Summary
Unmasked does some good character work in Episodes 7 & 8, but it remains unable to get out of its own way where the broader plotting is concerned.
Unmasked continues to be a confounding show in Episodes 7 & 8, and it remains difficult to know what to make of it. That off-putting try-hard feeling is still there, but I must concede that these two episodes do put in some decent work to knit the cast together, adding more complexity and depth to the team dynamics, developing the overarching storylines more, and providing neat-ish resolutions to the more standalone cases.
I’m not sure these particular cases warrant a great deal of recounting since they’re mostly in service to the macro plotting and character development. But the stalker case is handled neatly, showing an ability to shift suspicion around which is reflected in the bigger Dr. Trigger and Seong-wook cases, even if you can sometimes see the seams.
But the show does benefit from the developing character dynamics. Soryong’s driven nature is a good noble center, and it’s nice to see Gi-ho and Na-hee getting stuff to do. There’s a developing texture here for sure, but is it too little too late? Do the show’s weirder tendencies and structural oddities still hold it back from really cohering? It’s honestly hard to say.

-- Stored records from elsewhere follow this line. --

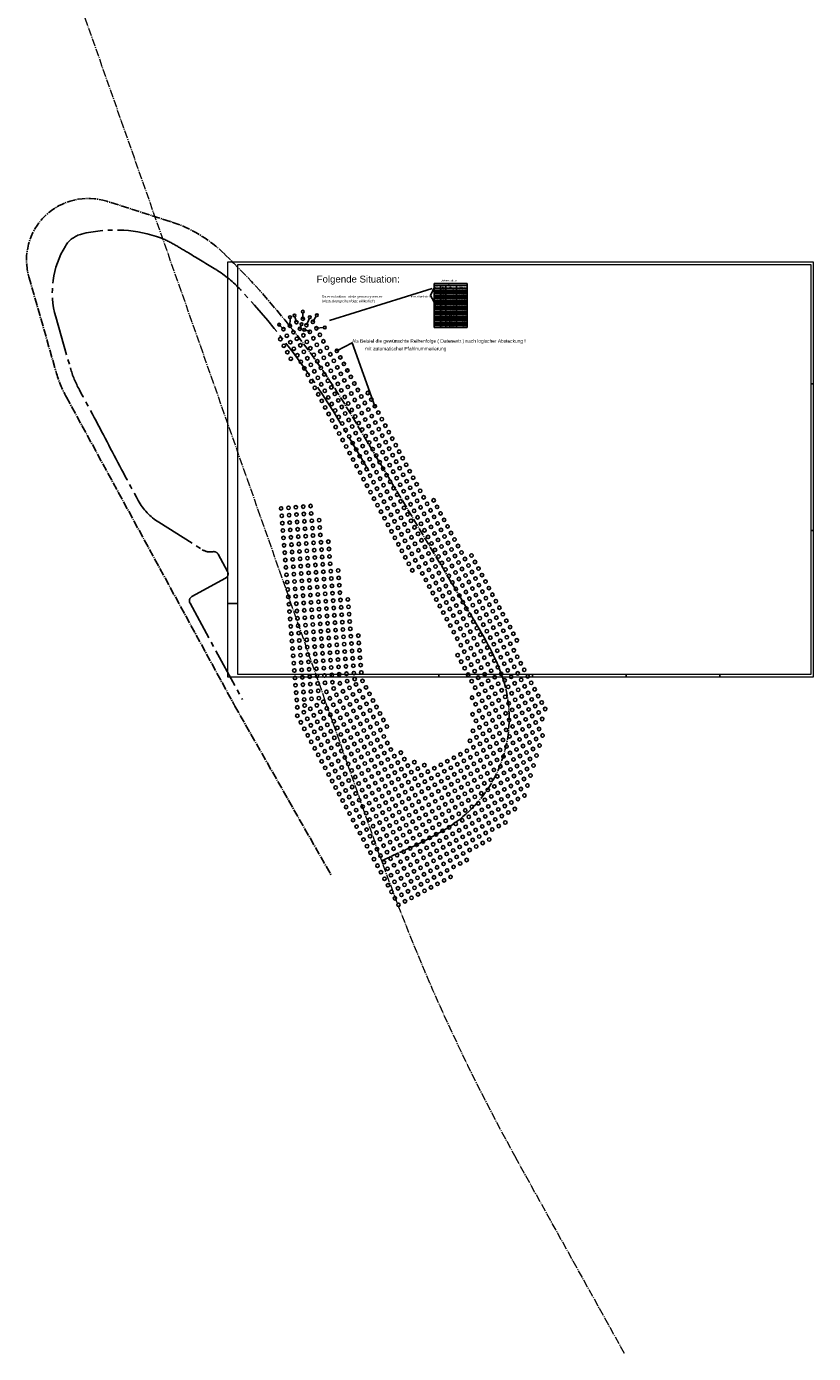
# Model space of a CAD drawing. Header units: metres. Extents: x 4544586 to 4544950, y 5933390 to 5933975.
# Tile 1 of 2: x 4544791 to 4544950, y 5933390 to 5933660. Entities that reach past the tile are written whole.
import ezdxf

# ---------------------------------------------------------------- set-up
doc = ezdxf.new("R2010")
doc.units = ezdxf.units.M
doc.linetypes.add('Achslinie', pattern=[11, 8, -1, 1, -1])
doc.linetypes.add('AUSGEZOGEN', pattern=[2, 1, 1])
doc.layers.add('Achsgruppe-03', color=7, linetype='Continuous', lineweight=20)
for name, color, linetype in [('AP_Achsimport aus INFRA', 4, 'Achslinie'), ('FSS über 3-4', 7, 'Continuous'), ('FSS über 4-5', 6, 'Continuous'), ('FSS über 5-6', 3, 'Continuous'), ('FSS über 6-7', 2, 'Continuous'), ('FSS über 7-7m20cm', 1, 'Continuous'), ('T__POS', 2, 'Continuous'), ('T__RAND', 7, 'Continuous'), ('T__TEXT', 2, 'Continuous'), ('XRef', 7, 'Continuous')]:
    doc.layers.add(name, color=color, linetype=linetype)
doc.styles.add('Arial', font='ARIAL.TTF')

# ---------------------------------------------------------------- blocks, each defined once
blk = doc.blocks.new('*U244')
at = {"layer": 'AP_Achsimport aus INFRA', "color": 80, "linetype": 'Achslinie', "lineweight": -3}
for p, q in [((4544816.88, 5933616.93), (4544816.88, 5933616.93)), ((4544824.09, 5933613.17), (4544823.39, 5933613.59)), ((4544824.09, 5933613.17), (4544824.09, 5933613.17)), ((4544796.47, 5933600.6), (4544799.44, 5933590.25)), ((4544801.27, 5933585.78), (4544801.27, 5933585.78)), ((4544860.02, 5933569.35), (4544853.89, 5933579.61)), ((4544807.24, 5933574.56), (4544807.24, 5933574.56)), ((4544813.21, 5933563.35), (4544813.21, 5933563.35)), ((4544817.36, 5933558.93), (4544826.2, 5933553.37)), ((4544829.4, 5933552.45), (4544831.32, 5933548.94)), ((4544830.92, 5933547.58), (4544824.11, 5933543.87)), ((4544823.72, 5933542.52), (4544834.36, 5933523))]:
    blk.add_line(p, q, dxfattribs=at)
for centre, radius, start, end in [((4544803.04, 5933612.15), 5.42, 104.0445, 148.5732), ((4544808.47, 5933590.46), 27.78, 72.374, 104.0445), ((4544811.73, 5933600.73), 17, 60.0286, 72.374), ((4544813.81, 5933605.57), 18.04, 148.5731, 195.9915), ((4544716.55, 5933435.69), 207.52, 59.0135, 60.0286), ((4544548.29, 5933155.5), 534.35, 58.3113, 59.0132), ((4544816.23, 5933589.52), 24.29, 42.9598, 58.3113), ((4544718.92, 5933498.91), 157.25, 30.8746, 42.9598), ((4544820.58, 5933596.31), 22, 195.9915, 208.5993), ((4544234.03, 5933276.52), 646.07, 27.47237, 28.59927), ((4545380.39, 5933872.57), 645.99, 207.47237, 208.59939), ((4544823.75, 5933569.09), 12, 208.5994, 237.8173), ((4544827.8, 5933555.91), 3, 237.8173, 280.4709), ((4544828.53, 5933551.97), 1, 28.5899, 100.471), ((4544830.44, 5933548.46), 1, 298.6022, 28.5899), ((4544824.59, 5933543), 1, 118.6022, 208.6016)]:
    blk.add_arc(centre, radius, start, end, dxfattribs=at)
blk = doc.blocks.new('*T245')
at = {"layer": 'XRef', "color": 0, "linetype": 'ByBlock', "lineweight": -2}
for p, q in [((0, 0), (6.69, 0)), ((0, 0), (0, -8.88)), ((6.69, 0), (6.69, -8.88)), ((0, -0.36), (6.69, -0.36)), ((0, -0.96), (6.69, -0.96)), ((0, -1.32), (6.69, -1.32)), ((0, -1.68), (6.69, -1.68)), ((0, -2.04), (6.69, -2.04)), ((0, -2.4), (6.69, -2.4)), ((1.29, -0.36), (1.29, -8.88)), ((2.37, -0.36), (2.37, -8.88)), ((4.53, -0.36), (4.53, -8.88)), ((0, -2.76), (6.69, -2.76)), ((0, -3.12), (6.69, -3.12)), ((0, -3.48), (6.69, -3.48)), ((0, -3.84), (6.69, -3.84)), ((0, -4.2), (6.69, -4.2)), ((0, -4.56), (6.69, -4.56)), ((0, -4.92), (6.69, -4.92)), ((0, -5.28), (6.69, -5.28)), ((0, -5.64), (6.69, -5.64)), ((0, -6), (6.69, -6)), ((0, -6.36), (6.69, -6.36)), ((0, -6.72), (6.69, -6.72)), ((0, -7.08), (6.69, -7.08)), ((0, -7.44), (6.69, -7.44)), ((0, -7.8), (6.69, -7.8)), ((0, -8.16), (6.69, -8.16)), ((0, -8.52), (6.69, -8.52)), ((0, -8.88), (6.69, -8.88))]:
    blk.add_line(p, q, dxfattribs=at)
at = {"layer": 'XRef', "color": 0, "char_height": 0.18}
for s, insert, width, attachment_point in [('Lauf. Nummer', (0.64, -0.66), 1.17, 5), ('3', (0.64, -1.74), 1.17, 2), ('4', (0.64, -2.1), 1.17, 2), ('5', (0.64, -2.46), 1.17, 2), ('2', (0.64, -1.38), 1.17, 2), ('1', (0.64, -1.02), 1.17, 2), ('Name', (1.83, -0.66), 0.96, 5), ('Kreis', (1.83, -1.02), 0.96, 2), ('Kreis', (1.83, -1.38), 0.96, 2), ('Kreis', (1.83, -1.74), 0.96, 2), ('Kreis', (1.83, -2.1), 0.96, 2), ('Kreis', (1.83, -2.46), 0.96, 2), ('Koordinaten', (3.34, -0.06), 6.57, 2), ('4544846.634', (3.45, -1.02), 2.04, 2), ('4544848.664', (3.45, -1.38), 2.04, 2), ('4544845.311', (3.45, -1.74), 2.04, 2), ('4544847.341', (3.45, -2.1), 2.04, 2), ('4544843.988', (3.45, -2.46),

Episode 7 of Unmasked begins with Soryong reeling from Han Do’s confession of being Dr. Trigger and explanation that somebody else got a hold of the account to post the compromising photo of her, but we don’t get to sit with it too long before our attention is pulled away to Ho-seong sniffing Soryong and biting a doctor’s ear. Sometimes the show can’t seem to help itself.
But if the multiple personality stuff is a bit silly –it is – and the deliberate red herrings and shuffling of suspicion are a bit transparent – they are – there’s nonetheless a fairly interesting undercurrent when it comes to discussions about justice and reporting. There are important conversations had about the burden of proof, the necessity for clear and irrefutable evidence, and how the truth about crime can be shared – perhaps more appropriately, how the stories of victims can be told – in a truly sensitive and useful way that doesn’t lean on sensationalism.
Because I enjoy this underlying core it frustrates me more when things take silly turns. In Episode 8 of Unmasked, which shifts more to focus on the Seong-wook case, there’s a whole bit with a dog witness and an animal communicator that just feels too silly to ring true. The fact this occurs in the background of a burgeoning rivalry between Soryong and Koo which fuels Soryong’s righteous indignation – a just-right position for her to be in, in my view – is irritating.
I’m not going to devote a great deal of energy to a dog apparently being able to deduce that Seong-wook was decapitated, because I don’t see how it would do anyone any good. But it does all underscore my lingering criticism of Unmasked, which is that it’s a show arguably too odd to coalesce into anything genuinely engaging.
The eighth episode ends by shining a brighter light on Cho Hae-won, and big progress made in the Seong-wook case with an AI composite of his likeness – extrapolated from an old chewing gum ad – presented to the entire town. But meaningful investment in any of this remains elusive, and it feels a bit odd to me that I’m more interested in the smaller character-based subplots in and around the Trigger office – some of them literally involving producing and writing credits – than I am in what are ostensibly the main narrative developments.
So, we remain undecided. So deep into the season that can’t be a good thing, but at the same time maybe the fact we’ve got so much to chew on means that Unmasked is doing its job.